Traumatic learning is very difficult to undo because it holds strong survival value. Here’s an example: A child learns to wall off the realization that the parent who molests her late nights is the same parent smiling and making small talk at the breakfast table the next morning. This child cannot escape the molestations and must carry on a “normal” relationship with that parent. This girl who submits to and experiences the molestations may be remotely aware (or even unaware) of the one who makes small talk with her molester-parent at the breakfast table. This is but one possible effect of traumatic learning processes that are born out of an instinctually defensive purpose to survive.
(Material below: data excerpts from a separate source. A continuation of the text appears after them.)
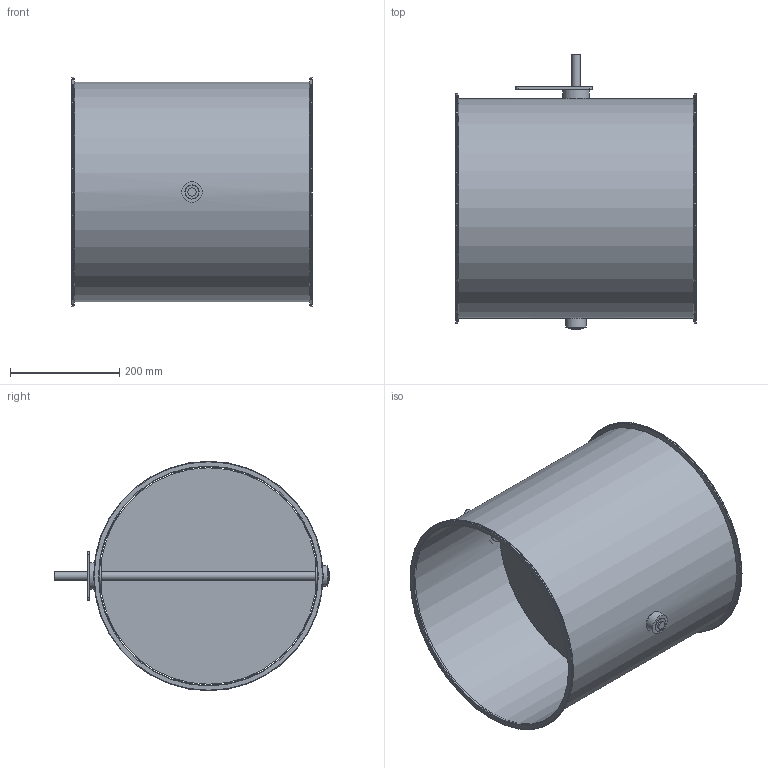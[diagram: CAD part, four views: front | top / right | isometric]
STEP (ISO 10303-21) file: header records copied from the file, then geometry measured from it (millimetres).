
FILE_DESCRIPTION(/* description */ (''),/* implementation_level */ '2;1');
FILE_NAME(/* name */ 'EA108-80B__400_L440_Belimo_Typ_NM.stp',/* time_stamp */ '2017-12-06T15:29:20+01:00',/* author */ (''),/* organization */ (''),/* preprocessor_version */ 'ST-DEVELOPER v11',/* originating_system */ 'SIEMENS UGS NX 6.0',/* authorisation */ '');
FILE_SCHEMA (('CONFIG_CONTROL_DESIGN'));
Length unit declared in the file: millimetre
Products named in the file (1): gars18E2j2g0
Bounding box: 440 x 504 x 420 mm (x, y, z)
Volume: 984764.7 mm3; surface area: 1469331.8 mm2
Topology: 8 solids, 8 shells, 62 faces, 132 edges, 88 vertices
Faces by surface type: cylinder 30, plane 24, torus 6, cone 2
Full cylindrical faces by diameter (mm): 6.1 x6, 15 x3, 25 x3, 25.85 x2, 26 x2, 38 x3, 49 x1, 400 x1, 402 x1, 420 x2
Entity records: 1636 total; most frequent: CARTESIAN_POINT 299, DIRECTION 274, ORIENTED_EDGE 180, AXIS2_PLACEMENT_3D 125, EDGE_LOOP 124, FACE_BOUND 110, EDGE_CURVE 90, VERTEX_POINT 78

How Do We Begin To Help Our Clients?

So where do we start as clinicians with treating such complex trauma? We start with gentle kindness, with friendly curiosity. We hold space for our clients’ confusion, their knowing and not knowing about what their past experience holds. And when the time is right, we reaffirm whatever the client had to do in order to survive was alright.  That’s where we begin, and that’s where we stay as long as is necessary.

When we, as clinicians, understand these instinctually defensive roots of traumatic response, we can help our traumatized clients begin to stabilize their daily living and to build customized skill sets that address what is needed to eventually confront the realization of their traumas. Out of this process, our clients will eventually make sense of their trauma in terms of who they intend to become—not only as survivors, but also as thrivers.